----- THE DATA

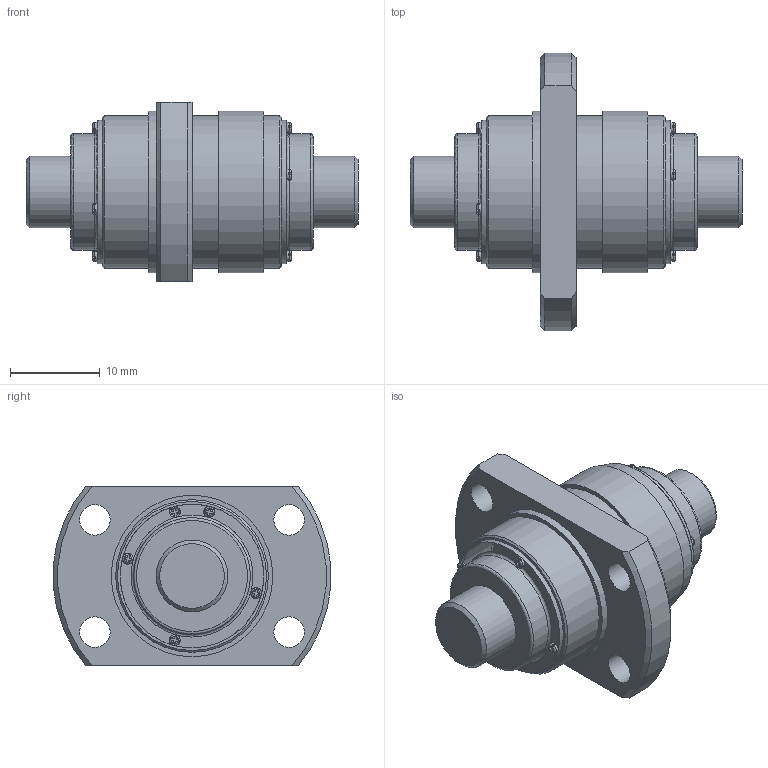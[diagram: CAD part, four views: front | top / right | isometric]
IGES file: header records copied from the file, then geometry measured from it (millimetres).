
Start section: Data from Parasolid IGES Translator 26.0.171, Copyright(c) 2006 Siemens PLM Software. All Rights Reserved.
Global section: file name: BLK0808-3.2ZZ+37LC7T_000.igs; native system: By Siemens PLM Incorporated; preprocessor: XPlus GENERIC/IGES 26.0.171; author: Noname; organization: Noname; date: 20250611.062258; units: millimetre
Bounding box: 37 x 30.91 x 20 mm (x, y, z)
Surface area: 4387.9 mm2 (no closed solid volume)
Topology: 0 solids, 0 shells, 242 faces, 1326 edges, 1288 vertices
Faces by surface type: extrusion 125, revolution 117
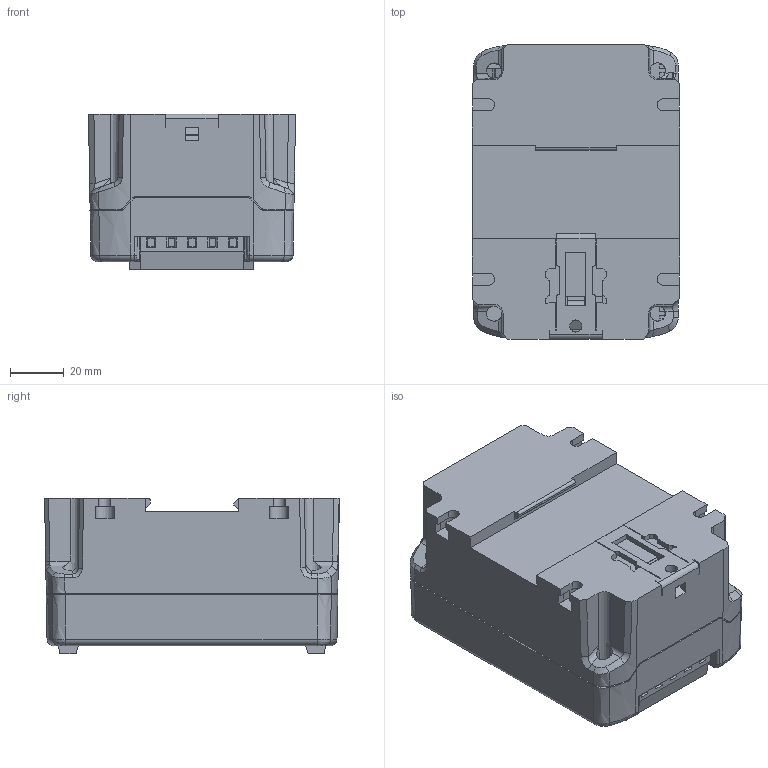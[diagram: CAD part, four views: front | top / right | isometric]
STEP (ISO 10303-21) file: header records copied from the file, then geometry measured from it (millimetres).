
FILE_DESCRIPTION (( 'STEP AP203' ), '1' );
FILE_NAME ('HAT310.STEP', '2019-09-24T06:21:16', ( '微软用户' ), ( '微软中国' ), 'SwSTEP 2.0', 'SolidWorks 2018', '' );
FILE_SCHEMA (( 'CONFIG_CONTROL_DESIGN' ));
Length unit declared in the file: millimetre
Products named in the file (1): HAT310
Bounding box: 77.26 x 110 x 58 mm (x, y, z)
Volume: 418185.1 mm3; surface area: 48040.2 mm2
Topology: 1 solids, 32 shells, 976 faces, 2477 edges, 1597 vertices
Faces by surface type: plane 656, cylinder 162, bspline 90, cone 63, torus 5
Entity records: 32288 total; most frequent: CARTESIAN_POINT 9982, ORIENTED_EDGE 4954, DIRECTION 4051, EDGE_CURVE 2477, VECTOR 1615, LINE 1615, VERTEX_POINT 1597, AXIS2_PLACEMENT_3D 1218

----------

## [WHAT YOU WILL DO]
All of the entries must be reproduced exactly, apart from the pictures, which are to be dropped.

## [TASK OUTPUT]
[diagram: CAD part, four views: front | top / right | isometric]
IGES file: header records copied from the file, then geometry measured from it (millimetres).
Start section: Data from Parasolid IGES Translator 26.0.171, Copyright(c) 2006 Siemens PLM Software. All Rights Reserved.
Global section: file name: BLK0808-3.2ZZ+37LC7T_000.igs; native system: By Siemens PLM Incorporated; preprocessor: XPlus GENERIC/IGES 26.0.171; author: Noname; organization: Noname; date: 20250611.062258; units: millimetre
Bounding box: 37 x 30.91 x 20 mm (x, y, z)
Surface area: 4387.9 mm2 (no closed solid volume)
Topology: 0 solids, 0 shells, 242 faces, 1326 edges, 1288 vertices
Faces by surface type: extrusion 125, revolution 117
[diagram: CAD part, four views: front | top / right | isometric]
STEP (ISO 10303-21) file: header records copied from the file, then geometry measured from it (millimetres).
FILE_DESCRIPTION (( 'STEP AP203' ), '1' );
FILE_NAME ('HAT310.STEP', '2019-09-24T06:21:16', ( '微软用户' ), ( '微软中国' ), 'SwSTEP 2.0', 'SolidWorks 2018', '' );
FILE_SCHEMA (( 'CONFIG_CONTROL_DESIGN' ));
Length unit declared in the file: millimetre
Products named in the file (1): HAT310
Bounding box: 77.26 x 110 x 58 mm (x, y, z)
Volume: 418185.1 mm3; surface area: 48040.2 mm2
Topology: 1 solids, 32 shells, 976 faces, 2477 edges, 1597 vertices
Faces by surface type: plane 656, cylinder 162, bspline 90, cone 63, torus 5
Entity records: 32288 total; most frequent: CARTESIAN_POINT 9982, ORIENTED_EDGE 4954, DIRECTION 4051, EDGE_CURVE 2477, VECTOR 1615, LINE 1615, VERTEX_POINT 1597, AXIS2_PLACEMENT_3D 1218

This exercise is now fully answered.